Com 12 anos, os irmãos ganharam uma bolsa para estudar na escola de dança Maria Olenewa, do Theatro Municipal do Rio de Janeiro. A diversidade racial do projeto social na Mangueira cedeu lugar à realidade de que ambos eram os únicos alunos negros em toda a sala de balé clássico.

“Quando as pessoas me perguntam sobre preconceito no mundo da dança, verbalmente, eu nunca tive nenhum. Mas é muito raro você ouvir a história de uma bailarina negra em uma companhia de dança, em especial no balé clássico”, diz. 

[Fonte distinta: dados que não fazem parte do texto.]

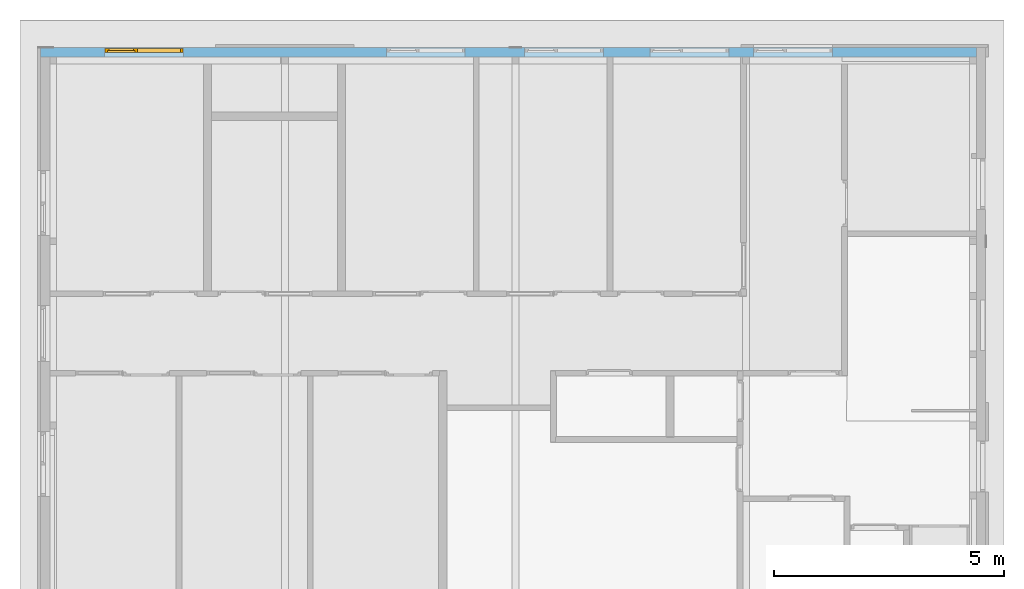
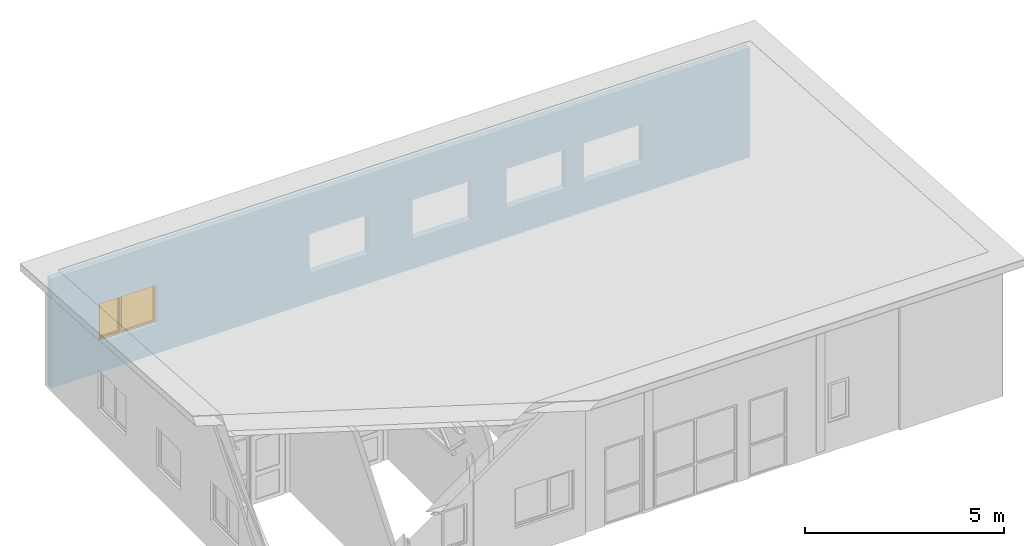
# One storey, part 29 of 37: 1 window, 5 openings, plus 1 element that does not belong to this part.
"""IFC2X3 building model written with IfcOpenShell, lengths in millimetres."""

import ifcopenshell
import ifcopenshell.guid

model = None  # the IFC model being written
_history = None  # IfcOwnerHistory: only IFC2X3 demands one
_inside = {}  # id of a spatial element -> (the spatial element, [elements in it])
_under = {}  # id of a project, library or spatial element -> (it, [spatial elements below it])
_declared = {}  # id of a project -> (the project, [libraries it declares])
_typed = {}  # id of a type object -> (the type object, [elements of that type])
_made_of = {}  # id of a material, layer set ... -> (it, [elements and type objects made of it])


def new_model(schema):
    """Start an empty IFC model of exactly this schema.

    Asked for "IFC4X3", IfcOpenShell would pick the latest addendum, in which some entities
    have other attributes; the version numbers below select the first issue.
    IFC2X3 requires an IfcOwnerHistory on every rooted entity: one is made here for all.
    """
    global model, _history
    if schema == "IFC4X3":
        model = ifcopenshell.file(schema_version=(4, 3, 0, 0))
    else:
        model = ifcopenshell.file(schema=schema)
    _inside.clear()
    _under.clear()
    _declared.clear()
    _typed.clear()
    _made_of.clear()
    _history = None
    if model.schema == "IFC2X3":
        org = make("IfcOrganization", Name="unknown")
        user = make(
            "IfcPersonAndOrganization",
            ThePerson=make("IfcPerson", FamilyName="unknown"),
            TheOrganization=org,
        )
        app = make(
            "IfcApplication",
            ApplicationDeveloper=org,
            Version="unknown",
            ApplicationFullName="unknown",
            ApplicationIdentifier="unknown",
        )
        _history = make(
            "IfcOwnerHistory",
            OwningUser=user,
            OwningApplication=app,
            ChangeAction="ADDED",
            CreationDate=0,
        )
    return model


def make(cls, **values):
    """One entity of the class cls with the attributes given. An attribute that is None is left unset."""
    return model.create_entity(
        cls, **{name: value for name, value in values.items() if value is not None}
    )


def entity(cls, *values):
    """Any entity or typed value of the class cls, its attributes in the order of the schema. None: left unset."""
    e = model.create_entity(cls)
    for i, value in enumerate(values):
        if value is not None:
            e[i] = value
    return e


def rooted(cls, **values):
    """An entity with a GlobalId (a new one), such as an element, a storey or a relation."""
    return make(cls, GlobalId=ifcopenshell.guid.new(), OwnerHistory=_history, **values)


def si_unit(unit_type, name, prefix=None):
    """IfcSIUnit, for example si_unit("LENGTHUNIT", "METRE", prefix="MILLI")."""
    return make("IfcSIUnit", UnitType=unit_type, Prefix=prefix, Name=name)


def converted_unit(unit_type, name, factor, base, dimensions=None, offset=None):
    """IfcConversionBasedUnit, such as the inch: factor (a typed value) times the base unit."""
    return make(
        "IfcConversionBasedUnit"
        if offset is None
        else "IfcConversionBasedUnitWithOffset",
        ConversionOffset=offset,
        Dimensions=None
        if dimensions is None
        else entity("IfcDimensionalExponents", *dimensions),
        UnitType=unit_type,
        Name=name,
        ConversionFactor=make(
            "IfcMeasureWithUnit", ValueComponent=factor, UnitComponent=base
        ),
    )


def assignment(units):
    """IfcUnitAssignment: the units of a project."""
    return None if units is None else make("IfcUnitAssignment", Units=units)


def point(xyz):
    """IfcCartesianPoint."""
    return None if xyz is None else make("IfcCartesianPoint", Coordinates=xyz)


def direction(xyz):
    """IfcDirection."""
    return None if xyz is None else make("IfcDirection", DirectionRatios=xyz)


def frame(location, z_axis=None, x_axis=None):
    """IfcAxis2Placement3D, a coordinate frame: its origin and axes. An axis left out is left unset."""
    return make(
        "IfcAxis2Placement3D",
        Location=point(location),
        Axis=direction(z_axis),
        RefDirection=direction(x_axis),
    )


def frame_2d(location, x_axis=None):
    """IfcAxis2Placement2D, a coordinate frame in the plane: its origin and x axis."""
    return make(
        "IfcAxis2Placement2D", Location=point(location), RefDirection=direction(x_axis)
    )


def origin():
    """The frame at (0, 0, 0) with its axes left unset."""
    return frame((0.0, 0.0, 0.0))


def origin_with_axes():
    """The frame at (0, 0, 0) with the z axis (0, 0, 1) and the x axis (1, 0, 0) written out."""
    return frame((0.0, 0.0, 0.0), z_axis=(0.0, 0.0, 1.0), x_axis=(1.0, 0.0, 0.0))


def place(relative_to, where):
    """IfcLocalPlacement: puts the frame where relative to a parent placement (None: the world)."""
    return make(
        "IfcLocalPlacement", PlacementRelTo=relative_to, RelativePlacement=where
    )


def context(
    kind, dimensions, precision=None, world=None, true_north=None, identifier=None
):
    """IfcGeometricRepresentationContext, for example the 3D "Model" context."""
    return make(
        "IfcGeometricRepresentationContext",
        ContextIdentifier=identifier,
        ContextType=kind,
        CoordinateSpaceDimension=dimensions,
        Precision=precision,
        WorldCoordinateSystem=world,
        TrueNorth=true_north,
    )


def subcontext(parent, identifier, kind, view, scale=None):
    """IfcGeometricRepresentationSubContext, for example "Body" below "Model"."""
    return make(
        "IfcGeometricRepresentationSubContext",
        ContextIdentifier=identifier,
        ContextType=kind,
        ParentContext=parent,
        TargetScale=scale,
        TargetView=view,
    )


def project(units=None, contexts=None):
    """IfcProject with its units and contexts."""
    return rooted(
        "IfcProject",
        Name="project",
        RepresentationContexts=contexts,
        UnitsInContext=assignment(units),
    )


def spatial(cls, under=None, at=None, **own):
    """A site, building, storey or space (cls), placed at a placement, below another one or the project."""
    s = rooted(cls, ObjectPlacement=at, **own)
    if under is not None:
        _under.setdefault(under.id(), (under, []))[1].append(s)
    return s


def profile(cls, at=None, kind="AREA", **sizes):
    """A parametric profile (cls). Its sizes go by their IFC names, for example OverallWidth=200.0."""
    return make(cls, ProfileType=kind, Position=at, **sizes)


def rectangle(**sizes):
    """IfcRectangleProfileDef."""
    return profile("IfcRectangleProfileDef", **sizes)


def extrude(swept, where, along, depth):
    """IfcExtrudedAreaSolid: the profile swept, set in the frame where, extruded along a direction by depth."""
    return make(
        "IfcExtrudedAreaSolid",
        SweptArea=swept,
        Position=where,
        ExtrudedDirection=direction(along),
        Depth=depth,
    )


def clip(a, b, op="DIFFERENCE"):
    """IfcBooleanClippingResult: the solid a cut by the half space b."""
    return make(
        "IfcBooleanClippingResult", Operator=op, FirstOperand=a, SecondOperand=b
    )


def halfspace(plane, agree):
    """IfcHalfSpaceSolid: all space on one side of the plane z = 0 of the frame plane."""
    return make(
        "IfcHalfSpaceSolid",
        BaseSurface=make("IfcPlane", Position=plane),
        AgreementFlag=agree,
    )


def faces_of(points, faces, orient=None, outer=None):
    """IfcFace entities. A face is a list of loops; a loop is a list of indices into points, from 0.

    orient and outer hold one flag for each loop. By default every Orientation is true, the
    first loop of a face is its IfcFaceOuterBound and the others are IfcFaceBound.
    """
    made = []
    for i, loops in enumerate(faces):
        bounds = []
        for j, loop in enumerate(loops):
            is_outer = j == 0 if outer is None else outer[i][j]
            bounds.append(
                make(
                    "IfcFaceOuterBound" if is_outer else "IfcFaceBound",
                    Bound=make("IfcPolyLoop", Polygon=[points[k] for k in loop]),
                    Orientation=True if orient is None else orient[i][j],
                )
            )
        made.append(make("IfcFace", Bounds=bounds))
    return made


def faceted_brep(points, faces, orient=None, outer=None, voids=None):
    """IfcFacetedBrep: a solid bounded by flat faces; with voids (closed shells), ...WithVoids."""
    shared = [point(p) for p in points]
    hull = make("IfcClosedShell", CfsFaces=faces_of(shared, faces, orient, outer))
    if voids is None:
        return make("IfcFacetedBrep", Outer=hull)
    return make(
        "IfcFacetedBrepWithVoids",
        Outer=hull,
        Voids=[
            make(cls, CfsFaces=faces_of(shared, fs, o, b)) for cls, fs, o, b in voids
        ],
    )


def shape(context_of_items, identifier, shape_type, items):
    """IfcShapeRepresentation: the items that make up one representation, for example the "Body"."""
    return make(
        "IfcShapeRepresentation",
        ContextOfItems=context_of_items,
        RepresentationIdentifier=identifier,
        RepresentationType=shape_type,
        Items=items,
    )


def material(Name=None, Category=None):
    """IfcMaterial."""
    return make("IfcMaterial", Name=Name, Category=Category)


def layer(
    of_material, thickness, ventilated=None, Name=None, Category=None, Priority=None
):
    """IfcMaterialLayer: one layer of a wall or slab, of a material (None: an air gap)."""
    return make(
        "IfcMaterialLayer",
        Material=of_material,
        LayerThickness=thickness,
        IsVentilated=ventilated,
        Name=Name,
        Category=Category,
        Priority=Priority,
    )


def layer_set(layers, Name=None):
    """IfcMaterialLayerSet."""
    return make("IfcMaterialLayerSet", MaterialLayers=layers, LayerSetName=Name)


def layer_usage(for_layer_set, set_direction, sense, offset, extent=None):
    """IfcMaterialLayerSetUsage: how a layer set lies in its element."""
    return make(
        "IfcMaterialLayerSetUsage",
        ForLayerSet=for_layer_set,
        LayerSetDirection=set_direction,
        DirectionSense=sense,
        OffsetFromReferenceLine=offset,
        ReferenceExtent=extent,
    )


def made_of(thing, what):
    """Note that an element or type object is made of a material, layer set ...; save() writes the relation."""
    if what is not None:
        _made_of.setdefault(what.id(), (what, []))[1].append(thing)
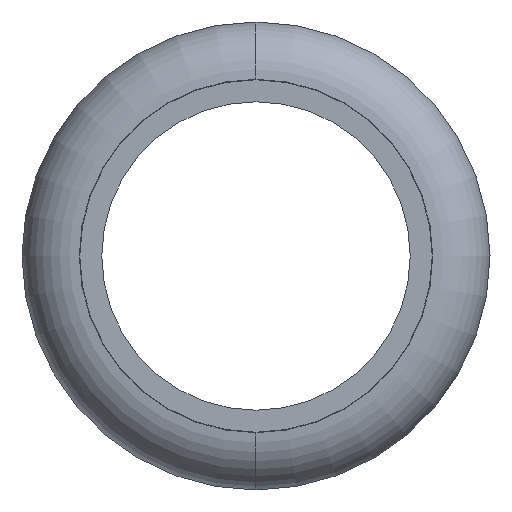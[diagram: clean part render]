
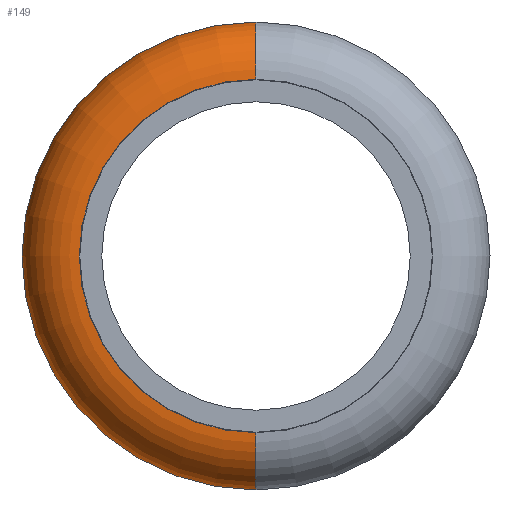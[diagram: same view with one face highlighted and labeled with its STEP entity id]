
A CAD part, left-side view. The second image highlights one B-rep face of the part: STEP entity #149.
In plain terms, the highlighted toroidal (fillet/blend) face has major radius 9.25 mm and minor radius 3 mm.
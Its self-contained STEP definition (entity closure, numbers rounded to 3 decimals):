
#149=ADVANCED_FACE('',(#334),#335,.T.);
#334=FACE_OUTER_BOUND('',#570,.T.);
#335=TOROIDAL_SURFACE('',#571,9.25,3.);
#570=EDGE_LOOP('',(#935,#936,#937,#938));
#571=AXIS2_PLACEMENT_3D('',#939,#940,#941);
#935=ORIENTED_EDGE('',*,*,#1329,.T.);
#936=ORIENTED_EDGE('',*,*,#1395,.F.);
#937=ORIENTED_EDGE('',*,*,#1396,.F.);
#938=ORIENTED_EDGE('',*,*,#1397,.F.);
#939=CARTESIAN_POINT('',(8.,0.0,0.));
#940=DIRECTION('',(-1.0,0.0,0.));
#941=DIRECTION('',(0.,0.0,1.0));
#1329=EDGE_CURVE('',#1528,#1527,#1572,.T.);
#1395=EDGE_CURVE('',#1674,#1527,#1675,.T.);
#1396=EDGE_CURVE('',#1676,#1674,#1677,.T.);
#1397=EDGE_CURVE('',#1528,#1676,#1678,.T.);
#1527=VERTEX_POINT('',#1826);
#1528=VERTEX_POINT('',#1827);
#1572=CIRCLE('',#1871,12.25);
#1674=VERTEX_POINT('',#1987);
#1675=CIRCLE('',#1988,3.);
#1676=VERTEX_POINT('',#1989);
#1677=CIRCLE('',#1990,9.25);
#1678=CIRCLE('',#1991,3.);
#1826=CARTESIAN_POINT('',(8.,0.,-12.25));
#1827=CARTESIAN_POINT('',(8.,0.,12.25));
#1871=AXIS2_PLACEMENT_3D('',#2222,#2223,#2224);
#1987=CARTESIAN_POINT('',(5.,0.,-9.25));
#1988=AXIS2_PLACEMENT_3D('',#2344,#2345,#2346);
#1989=CARTESIAN_POINT('',(5.,0.,9.25));
#1990=AXIS2_PLACEMENT_3D('',#2347,#2348,#2349);
#1991=AXIS2_PLACEMENT_3D('',#2350,#2351,#2352);
#2222=CARTESIAN_POINT('',(8.,0.0,0.));
#2223=DIRECTION('',(-1.0,0.0,0.));
#2224=DIRECTION('',(0.,0.0,1.0));
#2344=CARTESIAN_POINT('',(8.,0.,-9.25));
#2345=DIRECTION('',(0.,-1.0,0.));
#2346=DIRECTION('',(0.,0.,-1.0));
#2347=CARTESIAN_POINT('',(5.,0.0,0.));
#2348=DIRECTION('',(-1.0,0.0,0.));
#2349=DIRECTION('',(0.,0.0,-1.0));
#2350=CARTESIAN_POINT('',(8.,0.,9.25));
#2351=DIRECTION('',(0.,-1.0,0.));
#2352=DIRECTION('',(0.,0.,1.0));

Desde que começou a dançar, duas décadas atrás, pouca coisa evoluiu, avalia. 

“Tem muitas meninas agora, mas estão em companhias jovens. Não tem uma no Theatro Municipal do Rio ou no balé de São Paulo”, diz. “É meio que triste, porque em um país em que você tem pessoas supertalentosas, quando a oportunidade está ali na sua frente, talvez você não dê.”

No caso de Ingrid, a oportunidade surgiu em 2007, aos 18 anos. “Magrela e franzina”, como ela mesma se define, chamou a atenção de Betânia Gomes, primeira bailarina do Dance Theatre of Harlem. 

Betânia decidiu gravar um vídeo com Ingrid e enviar para a escola nova-iorquina. A carioca foi aceita e, em janeiro de 2008, largou a faculdade de dança no Rio de Janeiro para se mudar para Nova York.

Olhando em retrospectivo, a bailarina diz hoje que não tinha ideia de como a dança influenciaria sua vida. A Ingrid que chegou a uma das cidades mais cosmopolitas do mundo era “muito nova” e “não estava tão preparada psicologicamente”, conta. 

Assim começa o segundo ato da vida de Ingrid: com a bailarina tendo que se virar sozinha em uma cidade desconhecida e sem falar uma palavra do idioma local.

“Eu não conseguia conversar com as pessoas em inglês, não conseguia interagir”, relata. Para sua sorte, no projeto social na Mangueira ela teve aula de espanhol com uma professora cubana, o que ajudou nos primeiros dias.

O idioma foi sendo absorvido aos poucos, conforme Ingrid desenvolvia outras atividades para complementar a renda, especialmente nos primeiros anos na Big Apple. Ela passeava com cachorros, trabalhava como babá e em restaurantes.

“Hoje em dia, dou entrevista, faço comercial, tudo em inglês. Meu professor de balé falava assim para mim: ‘quando ela veio para cá, não conseguia falar nada. Hoje em dia, ela não cala a boca’”, ri.

Na companhia, Ingrid adotou um hábito de outros bailarinos negros, de pintar as sapatilhas com seu tom de pele. A ideia surgiu de Arthur Mitchell, que fundou, em 1969, o Dance Theatre of Harlem. 

A proposta era formar um corpo de bailarinos clássicos negros em um país cuja principal referência de luta pelos direitos civis da população negra, Martin Luther King Jr., havia acabado ser assassinada.

Voltando às sapatilhas, Mitchell e seus bailarinos passaram a pintar as suas no tom da pele para diminuir o contraste, conta Ingrid. 

“Quando você está no palco e olha o bailarino de longe, se ele está com sapatilha rosa, o contraste da luz faz parecer que metade do corpo dele é de outra cor. A ideia dele foi unificar o look da pessoa por meio da roupa que ela usava”, conta.

Cada bailarino, então, passou a pintar sua meia-calça com o tom de sua pele, assim como sua sapatilha de ponta. Quase 50 anos depois, Ingrid ainda tem que pintar seus calçados. “Meia-calça, algumas marcas têm, mas a que eu usava foi descontinuada. Eu vou ter que ver o que vou fazer, porque estou sem meia-calça.”

Além da dança, Nova York também abriu novos caminhos para a carioca. “Aqui é um lugar que ou você sabe sua meta, ou a cidade te engole. É muita coisa acontecendo, é muita oportunidade. E você consegue se perder.”

Um desses caminhos foi o EmpowerHer New York, projeto que busca fortalecer outras mulheres. Na plataforma, todos os dias uma usuária assume o perfil da empresa no Instagram, e conta sua história. 

Em vez de fama, Ingrid quer inspirar outras pessoas por meio da plataforma. “Temos uma missão muito maior, que é passar experiência para o próximo, para que ele possa realizar seus sonhos”, diz. 

Na quarta (11), o projeto realiza uma nova rodada de discussões no Brooklyn. Se em janeiro tudo saiu do bolso de Ingrid, que contou com a colaboração de voluntários, agora a carioca e a sócia Helya Mohammadian reuniram dez patrocinadores para o evento.